What the exercise asks
Using the listing that follows, return every line with the word "name".
== == ==
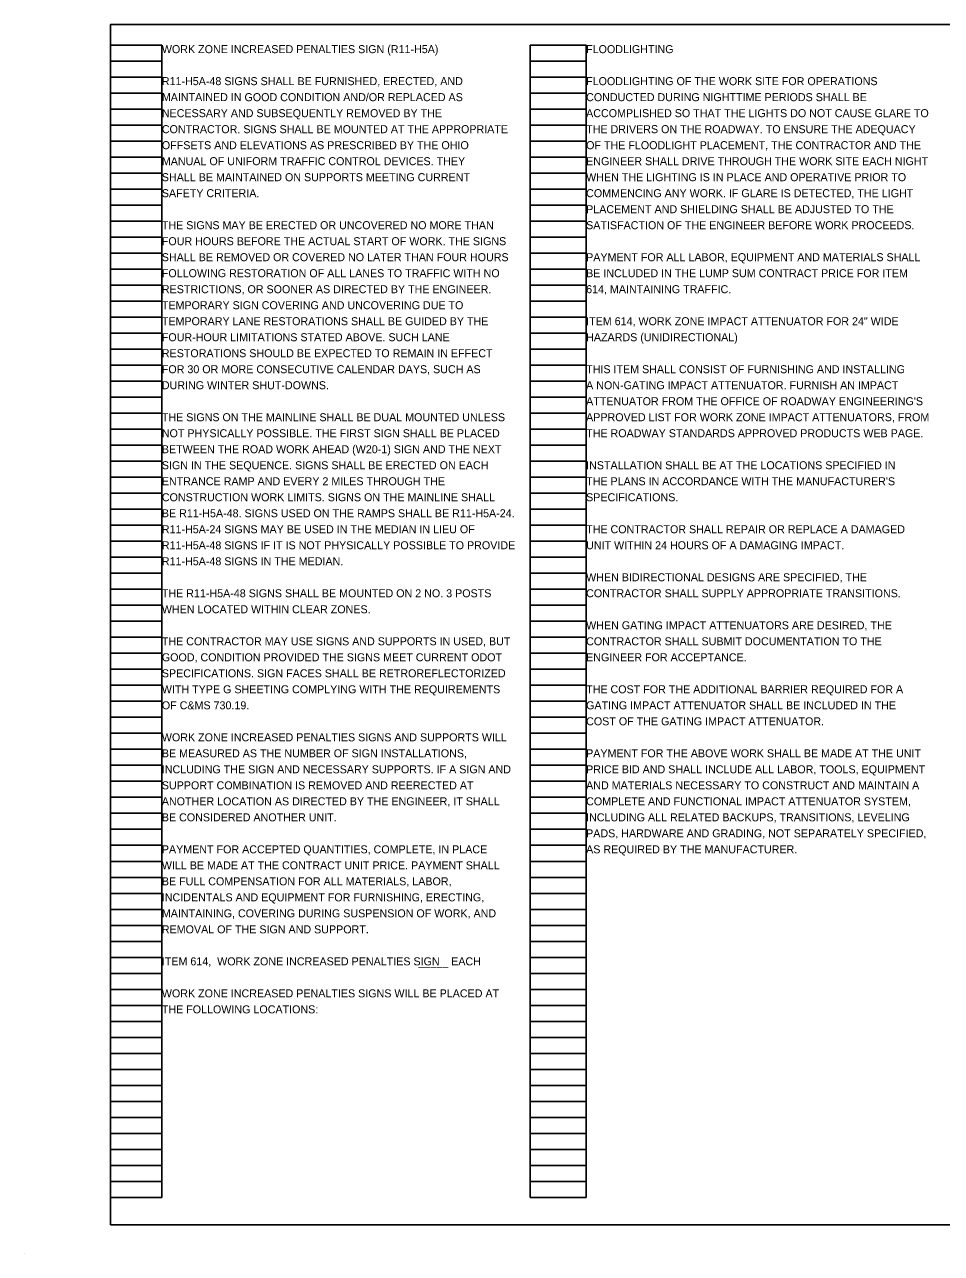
# Model space of a CAD drawing. Extents: x -34 to 2132911, y 0 to 658646.
# Drawn here: x 34 to 50.03, y 0 to 21.5 of the extents above; entities that cross this region are included whole.
import ezdxf

# ---------------------------------------------------------------- set-up
doc = ezdxf.new("R2010")
doc.units = 0
for name, color, linetype in [('SC_Scratch1', 7, 'Continuous'), ('SH_Data', 7, 'Continuous'), ('SH_Text', 7, 'Continuous')]:
    doc.layers.add(name, color=color, linetype=linetype)

msp = doc.modelspace()

# ---------------------------------------------------------------- linework, layer by layer
at = {"layer": 'SC_Scratch1'}
msp.add_lwpolyline([(35.5, 0.5), (66, 0.5), (66, 21.5), (35.5, 21.5)], close=True, dxfattribs=at)
at = {"layer": 'SH_Data'}
for p, q in [((35.5, 0.98), (35.5, 21.14)), ((35.5, 21.14), (36.4, 21.14)), ((36.4, 0.98), (36.4, 21.14)), ((42.84, 0.98), (42.84, 21.14)), ((42.84, 21.14), (43.82, 21.14)), ((43.82, 0.98), (43.82, 21.14)), ((35.5, 20.86), (36.4, 20.86)), ((42.84, 20.86), (43.82, 20.86)), ((35.5, 20.58), (36.4, 20.58)), ((42.84, 20.58), (43.82, 20.58)), ((35.5, 20.3), (36.4, 20.3)), ((42.84, 20.3), (43.82, 20.3)), ((35.5, 20.02), (36.4, 20.02)), ((42.84, 20.02), (43.82, 20.02)), ((35.5, 19.74), (36.4, 19.74)), ((42.84, 19.74), (43.82, 19.74)), ((35.5, 19.46), (36.4, 19.46)), ((42.84, 19.46), (43.82, 19.46)), ((35.5, 19.18), (36.4, 19.18)), ((42.84, 19.18), (43.82, 19.18)), ((35.5, 18.9), (36.4, 18.9)), ((42.84, 18.9), (43.82, 18.9)), ((35.5, 18.62), (36.4, 18.62)), ((42.84, 18.62), (43.82, 18.62)), ((35.5, 18.34), (36.4, 18.34)), ((42.84, 18.34), (43.82, 18.34)), ((35.5, 18.06), (36.4, 18.06)), ((42.84, 18.06), (43.82, 18.06)), ((35.5, 17.78), (36.4, 17.78)), ((42.84, 17.78), (43.82, 17.78)), ((35.5, 17.5), (36.4, 17.5)), ((42.84, 17.5), (43.82, 17.5)), ((35.5, 17.22), (36.4, 17.22)), ((42.84, 17.22), (43.82, 17.22)), ((35.5, 16.94), (36.4, 16.94)), ((42.84, 16.94), (43.82, 16.94)), ((35.5, 16.66), (36.4, 16.66)), ((42.84, 16.66), (43.82, 16.66)), ((35.5, 16.38), (36.4, 16.38)), ((42.84, 16.38), (43.82, 16.38)), ((35.5, 16.1), (36.4, 16.1)), ((42.84, 16.1), (43.82, 16.1)), ((35.5, 15.82), (36.4, 15.82)), ((42.84, 15.82), (43.82, 15.82)), ((35.5, 15.54), (36.4, 15.54)), ((42.84, 15.54), (43.82, 15.54)), ((35.5, 15.26), (36.4, 15.26)), ((42.84, 15.26), (43.82, 15.26)), ((35.5, 14.98), (36.4, 14.98)), ((42.84, 14.98), (43.82, 14.98)), ((35.5, 14.7), (36.4, 14.7)), ((42.84, 14.7), (43.82, 14.7)), ((35.5, 14.42), (36.4, 14.42)), ((42.84, 14.42), (43.82, 14.42)), ((35.5, 14.14), (36.4, 14.14)), ((42.84, 14.14), (43.82, 14.14)), ((35.5, 13.86), (36.4, 13.86)), ((42.84, 13.86), (43.82, 13.86)), ((35.5, 13.58), (36.4, 13.58)), ((42.84, 13.58), (43.82, 13.58)), ((35.5, 13.3), (36.4, 13.3)), ((42.84, 13.3), (43.82, 13.3)), ((35.5, 13.02), (36.4, 13.02)), ((42.84, 13.02), (43.82, 13.02)), ((35.5, 12.74), (36.4, 12.74)), ((42.84, 12.74), (43.82, 12.74)), ((35.5, 12.46), (36.4, 12.46)), ((42.84, 12.46), (43.82, 12.46)), ((35.5, 12.18), (36.4, 12.18)), ((42.84, 12.18), (43.82, 12.18)), ((35.5, 11.9), (36.4, 11.9)), ((42.84, 11.9), (43.82, 11.9)), ((35.5, 11.62), (36.4, 11.62)), ((42.84, 11.62), (43.82, 11.62)), ((35.5, 11.34), (36.4, 11.34)), ((42.84, 11.34), (43.82, 11.34)), ((35.5, 11.06), (36.4, 11.06)), ((42.84, 11.06), (43.82, 11.06)), ((35.5, 10.78), (36.4, 10.78)), ((42.84, 10.78), (43.82, 10.78)), ((35.5, 10.5), (36.4, 10.5)), ((42.84, 10.5), (43.82, 10.5)), ((35.5, 10.22), (36.4, 10.22)), ((42.84, 10.22), (43.82, 10.22)), ((35.5, 9.94), (36.4, 9.94)), ((42.84, 9.94), (43.82, 9.94)), ((35.5, 9.66), (36.4, 9.66)), ((42.84, 9.66), (43.82, 9.66)), ((35.5, 9.38), (36.4, 9.38)), ((42.84, 9.38), (43.82, 9.38)), ((35.5, 9.1), (36.4, 9.1)), ((42.84, 9.1), (43.82, 9.1)), ((35.5, 8.82), (36.4, 8.82)), ((42.84, 8.82), (43.82, 8.82)), ((35.5, 8.54), (36.4, 8.54)), ((42.84, 8.54), (43.82, 8.54)), ((35.5, 8.26), (36.4, 8.26)), ((42.84, 8.26), (43.82, 8.26)), ((35.5, 7.98), (36.4, 7.98)), ((42.84, 7.98), (43.82, 7.98)), ((35.5, 7.7), (36.4, 7.7)), ((42.84, 7.7), (43.82, 7.7)), ((35.5, 7.42), (36.4, 7.42)), ((42.84, 7.42), (43.82, 7.42)), ((35.5, 7.14), (36.4, 7.14)), ((42.84, 7.14), (43.82, 7.14)), ((35.5, 6.86), (36.4, 6.86)), ((42.84, 6.86), (43.82, 6.86)), ((35.5, 6.58), (36.4, 6.58)), ((42.84, 6.58), (43.82, 6.58)), ((35.5, 6.3), (36.4, 6.3)), ((42.84, 6.3), (43.82, 6.3)), ((35.5, 6.02), (36.4, 6.02)), ((42.84, 6.02), (43.82, 6.02)), ((35.5, 5.74), (36.4, 5.74)), ((42.84, 5.74), (43.82, 5.74)), ((35.5, 5.46), (36.4, 5.46)), ((42.84, 5.46), (43.82, 5.46)), ((35.5, 5.18), (36.4, 5.18)), ((42.84, 5.18), (43.82, 5.18)), ((35.5, 4.9), (36.4, 4.9)), ((42.84, 4.9), (43.82, 4.9)), ((35.5, 4.62), (36.4, 4.62)), ((42.84, 4.62), (43.82, 4.62)), ((35.5, 4.34), (36.4, 4.34)), ((42.84, 4.34), (43.82, 4.34)), ((35.5, 4.06), (36.4, 4.06)), ((42.84, 4.06), (43.82, 4.06)), ((35.5, 3.78), (36.4, 3.78)), ((42.84, 3.78), (43.82, 3.78)), ((35.5, 3.5), (36.4, 3.5)), ((42.84, 3.5), (43.82, 3.5)), ((35.5, 3.22), (36.4, 3.22)), ((42.84, 3.22), (43.82, 3.22)), ((35.5, 2.94), (36.4, 2.94)), ((42.84, 2.94), (43.82, 2.94)), ((35.5, 2.66), (36.4, 2.66)), ((42.84, 2.66), (43.82, 2.66)), ((35.5, 2.38), (36.4, 2.38)), ((42.84, 2.38), (43.82, 2.38)), ((35.5, 2.1), (36.4, 2.1)), ((42.84, 2.1), (43.82, 2.1)), ((35.5, 1.82), (36.4, 1.82)), ((42.84, 1.82), (43.82, 1.82)), ((35.5, 1.54), (36.4, 1.54)), ((42.84, 1.54), (43.82, 1.54)), ((35.5, 1.26), (36.4, 1.26)), ((42.84, 1.26), (43.82, 1.26)), ((35.5, 0.98), (36.4, 0.98)), ((42.84, 0.98), (43.82, 0.98)), ((34, 0), (34, 0))]:
    msp.add_line(p, q, dxfattribs=at)

# ---------------------------------------------------------------- texts
at = {"layer": 'SH_Text'}
for s, p in [('WORK ZONE INCREASED PENALTIES SIGN (R11-H5A)', (36.4, 21)), ('FLOODLIGHTING', (43.82, 21)), ('R11-H5A-48 SIGNS SHALL BE FURNISHED, ERECTED, AND', (36.4, 20.44)), ('FLOODLIGHTING OF THE WORK SITE FOR OPERATIONS', (43.82, 20.44)), ('MAINTAINED IN GOOD CONDITION AND/OR REPLACED AS', (36.4, 20.16)), ('CONDUCTED DURING NIGHTTIME PERIODS SHALL BE', (43.82, 20.16)), ('NECESSARY AND SUBSEQUENTLY REMOVED BY THE', (36.4, 19.88)), ('ACCOMPLISHED SO THAT THE LIGHTS DO NOT CAUSE GLARE TO', (43.82, 19.88)), ('CONTRACTOR. SIGNS SHALL BE MOUNTED AT THE APPROPRIATE', (36.4, 19.6)), ('THE DRIVERS ON THE ROADWAY. TO ENSURE THE ADEQUACY', (43.82, 19.6)), ('OFFSETS AND ELEVATIONS AS PRESCRIBED BY THE OHIO', (36.4, 19.32)), ('OF THE FLOODLIGHT PLACEMENT, THE CONTRACTOR AND THE', (43.82, 19.32)), ('MANUAL OF UNIFORM TRAFFIC CONTROL DEVICES. THEY', (36.4, 19.04)), ('ENGINEER SHALL DRIVE THROUGH THE WORK SITE EACH NIGHT', (43.82, 19.04)), ('SHALL BE MAINTAINED ON SUPPORTS MEETING CURRENT', (36.4, 18.76)), ('WHEN THE LIGHTING IS IN PLACE AND OPERATIVE PRIOR TO', (43.82, 18.76)), ('SAFETY CRITERIA.', (36.4, 18.48)), ('COMMENCING ANY WORK. IF GLARE IS DETECTED, THE LIGHT', (43.82, 18.48)), ('PLACEMENT AND SHIELDING SHALL BE ADJUSTED TO THE', (43.82, 18.2)), ('THE SIGNS MAY BE ERECTED OR UNCOVERED NO MORE THAN', (36.4, 17.92)), ('SATISFACTION OF THE ENGINEER BEFORE WORK PROCEEDS.', (43.82, 17.92)), ('FOUR HOURS BEFORE THE ACTUAL START OF WORK. THE SIGNS', (36.4, 17.64)), ('SHALL BE REMOVED OR COVERED NO LATER THAN FOUR HOURS', (36.4, 17.36)), ('PAYMENT FOR ALL LABOR, EQUIPMENT AND MATERIALS SHALL', (43.82, 17.36)), ('FOLLOWING RESTORATION OF ALL LANES TO TRAFFIC WITH NO', (36.4, 17.08)), ('BE INCLUDED IN THE LUMP SUM CONTRACT PRICE FOR ITEM', (43.82, 17.08)), ('RESTRICTIONS, OR SOONER AS DIRECTED BY THE ENGINEER.', (36.4, 16.8)), ('614, MAINTAINING TRAFFIC.', (43.82, 16.8)), ('TEMPORARY SIGN COVERING AND UNCOVERING DUE TO', (36.4, 16.52)), ('TEMPORARY LANE RESTORATIONS SHALL BE GUIDED BY THE', (36.4, 16.24)), ('ITEM 614, WORK ZONE IMPACT ATTENUATOR FOR 24" WIDE', (43.82, 16.24)), ('FOUR-HOUR LIMITATIONS STATED ABOVE. SUCH LANE', (36.4, 15.96)), ('HAZARDS (UNIDIRECTIONAL)', (43.82, 15.96)), ('RESTORATIONS SHOULD BE EXPECTED TO REMAIN IN EFFECT', (36.4, 15.68)), ('FOR 30 OR MORE CONSECUTIVE CALENDAR DAYS, SUCH AS', (36.4, 15.4)), ('THIS ITEM SHALL CONSIST OF FURNISHING AND INSTALLING', (43.82, 15.4)), ('DURING WINTER SHUT-DOWNS.', (36.4, 15.12)), ('A NON-GATING IMPACT ATTENUATOR. FURNISH AN IMPACT', (43.82, 15.12)), ("ATTENUATOR FROM THE OFFICE OF ROADWAY ENGINEERING'S", (43.82, 14.84)), ('THE SIGNS ON THE MAINLINE SHALL BE DUAL MOUNTED UNLESS', (36.4, 14.56)), ('APPROVED LIST FOR WORK ZONE IMPACT ATTENUATORS, FROM', (43.82, 14.56)), ('NOT PHYSICALLY POSSIBLE. THE FIRST SIGN SHALL BE PLACED', (36.4, 14.28)), ('THE ROADWAY STANDARDS APPROVED PRODUCTS WEB PAGE.', (43.82, 14.28)), ('BETWEEN THE ROAD WORK AHEAD (W20-1) SIGN AND THE NEXT', (36.4, 14)), ('SIGN IN THE SEQUENCE. SIGNS SHALL BE ERECTED ON EACH', (36.4, 13.72)), ('INSTALLATION SHALL BE AT THE LOCATIONS SPECIFIED IN', (43.82, 13.72)), ('ENTRANCE RAMP AND EVERY 2 MILES THROUGH THE', (36.4, 13.44)), ("THE PLANS IN ACCORDANCE WITH THE MANUFACTURER'S", (43.82, 13.44)), ('CONSTRUCTION WORK LIMITS. SIGNS ON THE MAINLINE SHALL', (36.4, 13.16)), ('SPECIFICATIONS.', (43.82, 13.16)), ('BE R11-H5A-48. SIGNS USED ON THE RAMPS SHALL BE R11-H5A-24.', (36.4, 12.88)), ('R11-H5A-24 SIGNS MAY BE USED IN THE MEDIAN IN LIEU OF', (36.4, 12.6)), ('THE CONTRACTOR SHALL REPAIR OR REPLACE A DAMAGED', (43.82, 12.6)), ('R11-H5A-48 SIGNS IF IT IS NOT PHYSICALLY POSSIBLE TO PROVIDE', (36.4, 12.32)), ('UNIT WITHIN 24 HOURS OF A DAMAGING IMPACT.', (43.82, 12.32)), ('R11-H5A-48 SIGNS IN THE MEDIAN.', (36.4, 12.04)), ('WHEN BIDIRECTIONAL DESIGNS ARE SPECIFIED, THE', (43.82, 11.76)), ('THE R11-H5A-48 SIGNS SHALL BE MOUNTED ON 2 NO. 3 POSTS', (36.4, 11.48)), ('CONTRACTOR SHALL SUPPLY APPROPRIATE TRANSITIONS.', (43.82, 11.48)), ('WHEN LOCATED WITHIN CLEAR ZONES.', (36.4, 11.2)), ('WHEN GATING IMPACT ATTENUATORS ARE DESIRED, THE', (43.82, 10.92)), ('THE CONTRACTOR MAY USE SIGNS AND SUPPORTS IN USED, BUT', (36.4, 10.64)), ('CONTRACTOR SHALL SUBMIT DOCUMENTATION TO THE', (43.82, 10.64)), ('GOOD, CONDITION PROVIDED THE SIGNS MEET CURRENT ODOT', (36.4, 10.36)), ('ENGINEER FOR ACCEPTANCE.', (43.82, 10.36)), ('SPECIFICATIONS. SIGN FACES SHALL BE RETROREFLECTORIZED', (36.4, 10.08)), ('WITH TYPE G SHEETING COMPLYING WITH THE REQUIREMENTS', (36.4, 9.8)), ('THE COST FOR THE ADDITIONAL BARRIER REQUIRED FOR A', (43.82, 9.8)), ('OF C&MS 730.19.', (36.4, 9.52)), ('GATING IMPACT ATTENUATOR SHALL BE INCLUDED IN THE', (43.82, 9.52)), ('COST OF THE GATING IMPACT ATTENUATOR.', (43.82, 9.24)), ('WORK ZONE INCREASED PENALTIES SIGNS AND SUPPORTS WILL', (36.4, 8.96)), ('BE MEASURED AS THE NUMBER OF SIGN INSTALLATIONS,', (36.4, 8.68)), ('PAYMENT FOR THE ABOVE WORK SHALL BE MADE AT THE UNIT', (43.82, 8.68)), ('INCLUDING THE SIGN AND NECESSARY SUPPORTS. IF A SIGN AND', (36.4, 8.4)), ('PRICE BID AND SHALL INCLUDE ALL LABOR, TOOLS, EQUIPMENT', (43.82, 8.4)), ('SUPPORT COMBINATION IS REMOVED AND REERECTED AT', (36.4, 8.12)), ('AND MATERIALS NECESSARY TO CONSTRUCT AND MAINTAIN A', (43.82, 8.12)), ('ANOTHER LOCATION AS DIRECTED BY THE ENGINEER, IT SHALL', (36.4, 7.84)), ('COMPLETE AND FUNCTIONAL IMPACT ATTENUATOR SYSTEM,', (43.82, 7.84)), ('BE CONSIDERED ANOTHER UNIT.', (36.4, 7.56)), ('INCLUDING ALL RELATED BACKUPS, TRANSITIONS, LEVELING', (43.82, 7.56)), ('PADS, HARDWARE AND GRADING, NOT SEPARATELY SPECIFIED,', (43.82, 7.28)), ('PAYMENT FOR ACCEPTED QUANTITIES, COMPLETE, IN PLACE', (36.4, 7)), ('AS REQUIRED BY THE MANUFACTURER.', (43.82, 7)), ('WILL BE MADE AT THE CONTRACT UNIT PRICE. PAYMENT SHALL', (36.4, 6.72)), ('BE FULL COMPENSATION FOR ALL MATERIALS, LABOR,', (36.4, 6.44)), ('INCIDENTALS AND EQUIPMENT FOR FURNISHING, ERECTING,', (36.4, 6.16)), ('MAINTAINING, COVERING DURING SUSPENSION OF WORK, AND', (36.4, 5.88)), ('REMOVAL OF THE SIGN AND SUPPORT.', (36.4, 5.6)), ('ITEM 614, ', (36.4, 5.04)), ('WORK ZONE INCREASED PENALTIES SIGN ', (37.368, 5.04)), ('  _____ EACH', (40.783, 5.04)), ('WORK ZONE INCREASED PENALTIES SIGNS WILL BE PLACED AT', (36.4, 4.48)), ('THE FOLLOWING LOCATIONS:', (36.4, 4.2))]:
    msp.add_text(s, height=0.14, dxfattribs=at).set_placement(p)

doc.saveas('drawing.dxf')
== == ==
Final answer
for name, color, linetype in [('SC_Scratch1', 7, 'Continuous'), ('SH_Data', 7, 'Continuous'), ('SH_Text', 7, 'Continuous')]:
    doc.layers.add(name, color=color, linetype=linetype)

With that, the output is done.